Le Parlement a donné un arrêt assez sévère contre une thèse en théologie qui devait être disputée en Sorbonne, [12] et qui ne l’a pas été, dans laquelle on voulait faire passer comme un article de foi cette prétendue infaillibilité [13] du pape, contre laquelle M. Talon [14] fit merveilles au Parlement. Un savant homme m’a dit à l’oreille qu’un honnête homme du parti des jansénistes [15] avait fait un livre in‑fo, qu’on a fait imprimer en Allemagne, touchant cette matière et autres en français, qui sera bientôt ici ; [2] c’est-à-dire que, quand on a remis l’épée dans le fourreau, les hommes ne laissent point de faire la guerre avec la plume. Je suis, etc.
De Paris, ce 30e de janvier 1663.
Du Four (édition princeps, 1683), no cix (pages 328‑329) ; Bulderen, no cclxxxv (tome ii, pages 341‑342) ; Reveillé-Parise, no dcvii (tome iii, page 420).

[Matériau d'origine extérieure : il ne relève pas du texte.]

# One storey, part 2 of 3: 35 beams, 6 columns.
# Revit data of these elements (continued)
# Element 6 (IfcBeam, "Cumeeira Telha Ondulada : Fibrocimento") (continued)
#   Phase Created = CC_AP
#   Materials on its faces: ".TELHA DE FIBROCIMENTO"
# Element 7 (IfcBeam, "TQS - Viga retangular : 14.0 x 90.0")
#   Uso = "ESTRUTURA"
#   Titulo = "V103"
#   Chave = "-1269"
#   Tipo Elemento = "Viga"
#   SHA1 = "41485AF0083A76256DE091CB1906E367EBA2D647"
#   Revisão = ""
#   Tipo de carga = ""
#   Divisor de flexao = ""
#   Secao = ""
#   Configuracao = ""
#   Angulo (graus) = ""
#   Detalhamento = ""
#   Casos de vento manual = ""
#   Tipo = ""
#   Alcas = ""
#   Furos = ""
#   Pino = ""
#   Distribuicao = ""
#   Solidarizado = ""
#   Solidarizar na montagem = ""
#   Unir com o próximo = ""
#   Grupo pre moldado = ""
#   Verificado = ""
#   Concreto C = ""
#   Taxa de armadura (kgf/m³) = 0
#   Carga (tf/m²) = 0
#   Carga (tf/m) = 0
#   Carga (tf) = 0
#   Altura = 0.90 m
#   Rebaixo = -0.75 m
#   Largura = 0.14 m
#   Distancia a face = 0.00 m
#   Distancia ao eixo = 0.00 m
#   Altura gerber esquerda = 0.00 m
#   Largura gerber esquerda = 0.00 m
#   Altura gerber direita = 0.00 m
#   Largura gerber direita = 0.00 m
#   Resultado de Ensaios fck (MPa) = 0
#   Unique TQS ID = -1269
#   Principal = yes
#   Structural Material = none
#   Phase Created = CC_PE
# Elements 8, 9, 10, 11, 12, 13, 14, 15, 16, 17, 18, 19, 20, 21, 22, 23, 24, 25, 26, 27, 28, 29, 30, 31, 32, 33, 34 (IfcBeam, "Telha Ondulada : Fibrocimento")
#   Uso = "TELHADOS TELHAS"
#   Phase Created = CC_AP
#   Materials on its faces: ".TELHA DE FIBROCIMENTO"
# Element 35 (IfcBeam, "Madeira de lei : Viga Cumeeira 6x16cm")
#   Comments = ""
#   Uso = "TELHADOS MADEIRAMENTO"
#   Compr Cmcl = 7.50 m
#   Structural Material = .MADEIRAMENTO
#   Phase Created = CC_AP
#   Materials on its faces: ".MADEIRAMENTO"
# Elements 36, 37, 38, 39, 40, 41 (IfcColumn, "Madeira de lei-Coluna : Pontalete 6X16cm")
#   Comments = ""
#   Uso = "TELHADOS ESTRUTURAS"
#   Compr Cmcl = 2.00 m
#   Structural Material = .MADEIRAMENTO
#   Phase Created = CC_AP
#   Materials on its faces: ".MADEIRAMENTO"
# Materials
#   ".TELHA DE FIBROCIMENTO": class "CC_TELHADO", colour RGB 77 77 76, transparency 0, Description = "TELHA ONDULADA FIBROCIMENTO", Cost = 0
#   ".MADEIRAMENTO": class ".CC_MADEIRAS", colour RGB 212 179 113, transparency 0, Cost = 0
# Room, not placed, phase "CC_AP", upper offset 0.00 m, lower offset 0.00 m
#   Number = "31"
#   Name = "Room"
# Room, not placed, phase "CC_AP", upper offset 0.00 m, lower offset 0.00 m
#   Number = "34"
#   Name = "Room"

V. notes [16], lettre 239, pour les quatre livres de Daniel Sennert de Febribus [sur les Fièvres], et [31], lettre 334, pour la poudre de vipère.
Le dogme d’infaillibilité pontificale ne fut établi qu’en 1870 (premier concile du Vatican). « L’infaillibilité ne se doit attribuer proprement qu’à Dieu et à ceux à qui il l’a bien voulu communiquer, comme aux prophètes, aux évangélistes, aux apôtres et à son Église ; on a écrit pour et contre l’infaillibilité du pape » (Trévoux). Périodiquement débattu de très longue date, ce dogme était alors en butte au gallicanisme d’une bonne partie de la Sorbonne et du Parlement. De nombreux esprits y étaient en outre échauffés par les deux bulles pontificales contre les jansénistes : Cum occasione, 1653 (v. note [16], lettre 321), et Ad sacram, 1656, immédiatement suivie du Formulaire (v. note [10], lettre 463).
« Me Gabriel Drouet de Villeneuve, bachelier en théologie, Breton de nation, ayant fait imprimer et distribuer des thèses d’une majeure ordinaire, {c} qu’il prétendait soutenir le dix-neuf de ce mois, lesquelles contiennent des propositions trop fortes dans leur expression, touchant l’infaillibilité de notre Saint Père le pape, son pouvoir souverain dans l’Église et sur l’Église, l’inutilité des conciles, et les anciennes libertés de l’Église gallicane, qu’il veut qualifier de privilèges, le procureur général et ses collègues n’ont pu tenir leur zèle. Ils sont entrés dans la Grande Salle et Chambre du Parlement, {d} et en ont fait leurs plaintes et remontrances, sur lesquelles la Cour ayant mûrement délibéré, après avoir examiné les propositions ainsi qu’elles son conçues, a trouvé qu’elles étaient de telle qualité qu’en bonne politique, la dispute n’en devait pas être permise dans cet État. Elle a pour ce interposé son autorité et donné son arrêt le vingt-deux de ce mois, et nous avons été commis pour venir en ce lieu vous en faire lecture, afin que vous ayez à l’observer inviolablement à l’avenir ; ce qu’elle se promet d’autant plus assurément qu’elle sait que votre Faculté, composée des plus sages et savants hommes du monde, a des sentiments bien contraires à ces opinion étrangères, auxquelles elle a toujours si puissamment et si généreusement résisté. » {e}
- V. note [5], lettre 45, pour cet ouvrage de Pithou qui a été mis à jour par Pierre-Toussaint Durand de Maillane en 1771 (Lyon, Pierre Bruyset Ponthus, in‑4o).
- Sans adhérer au jansénisme, Denis Talon, avocat général du Parlement de Paris (v. note [10], lettre 358), était un défenseur convaincu du gallicanisme et avait plaidé à plusieurs reprises en faveur des adhérents de Port-Royal, depuis 1655.
- « L’un des plus grans actes des bacheliers de théologie de la Faculté de Paris qui sont en licence, dans lequel ils doivent soutenir de la théologie positive, de l’histoire ecclésiastique, ou de la controverse, et qui se commence a huit heures du matin et finit à six heures du soir » (Richelet).
- La Grand’Chambre du Parlement de Paris.
- V. note [3], lettre 830, pour l’autre procès que la Sorbonne, toujours défendue pat Talon, gagna contre la censure de Rome en juillet 1665.